**Records excerpted from a collection**
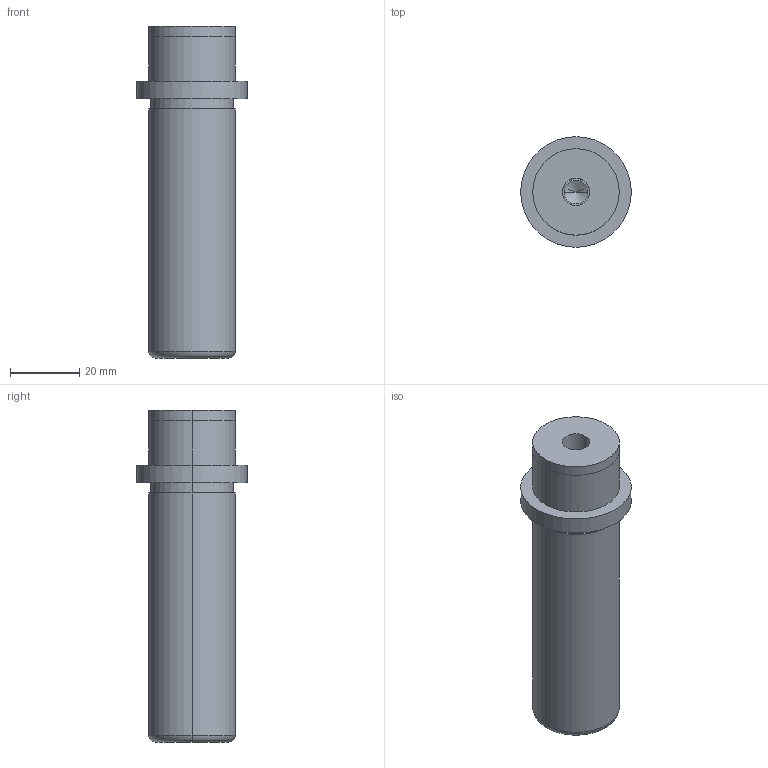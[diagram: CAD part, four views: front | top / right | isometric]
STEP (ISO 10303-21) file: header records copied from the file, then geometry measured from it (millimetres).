
FILE_DESCRIPTION(/* description */ (''),/* implementation_level */ '2;1');
FILE_NAME(/* name */ '3d_sgpw25-80_05242_r00.stp',/* time_stamp */ '2011-01-10T14:11:03+09:00',/* author */ ('MISUMI'),/* organization */ (''),/* preprocessor_version */ 'ST-DEVELOPER v11',/* originating_system */ 'UGS - NX 5.0',/* authorisation */ '');
FILE_SCHEMA (('CONFIG_CONTROL_DESIGN'));
Length unit declared in the file: millimetre
Products named in the file (1): 3d_sgpw25-80_05242_r00
Bounding box: 32 x 32 x 96 mm (x, y, z)
Volume: 46507.9 mm3; surface area: 10258.1 mm2
Topology: 1 solids, 1 shells, 31 faces, 64 edges, 38 vertices
Faces by surface type: cylinder 18, plane 7, cone 4, torus 2
Entity records: 890 total; most frequent: DIRECTION 162, CARTESIAN_POINT 130, ORIENTED_EDGE 120, AXIS2_PLACEMENT_3D 70, EDGE_CURVE 60, EDGE_LOOP 38, CIRCLE 38, VERTEX_POINT 38

**Requirement**
Set down each entry above word for word, without its pictures.

**Task answer**
[diagram: CAD part, four views: front | top / right | isometric]
STEP (ISO 10303-21) file: header records copied from the file, then geometry measured from it (millimetres).
FILE_DESCRIPTION(/* description */ (''),/* implementation_level */ '2;1');
FILE_NAME(/* name */ '3d_sgpw25-80_05242_r00.stp',/* time_stamp */ '2011-01-10T14:11:03+09:00',/* author */ ('MISUMI'),/* organization */ (''),/* preprocessor_version */ 'ST-DEVELOPER v11',/* originating_system */ 'UGS - NX 5.0',/* authorisation */ '');
FILE_SCHEMA (('CONFIG_CONTROL_DESIGN'));
Length unit declared in the file: millimetre
Products named in the file (1): 3d_sgpw25-80_05242_r00
Bounding box: 32 x 32 x 96 mm (x, y, z)
Volume: 46507.9 mm3; surface area: 10258.1 mm2
Topology: 1 solids, 1 shells, 31 faces, 64 edges, 38 vertices
Faces by surface type: cylinder 18, plane 7, cone 4, torus 2
Entity records: 890 total; most frequent: DIRECTION 162, CARTESIAN_POINT 130, ORIENTED_EDGE 120, AXIS2_PLACEMENT_3D 70, EDGE_CURVE 60, EDGE_LOOP 38, CIRCLE 38, VERTEX_POINT 38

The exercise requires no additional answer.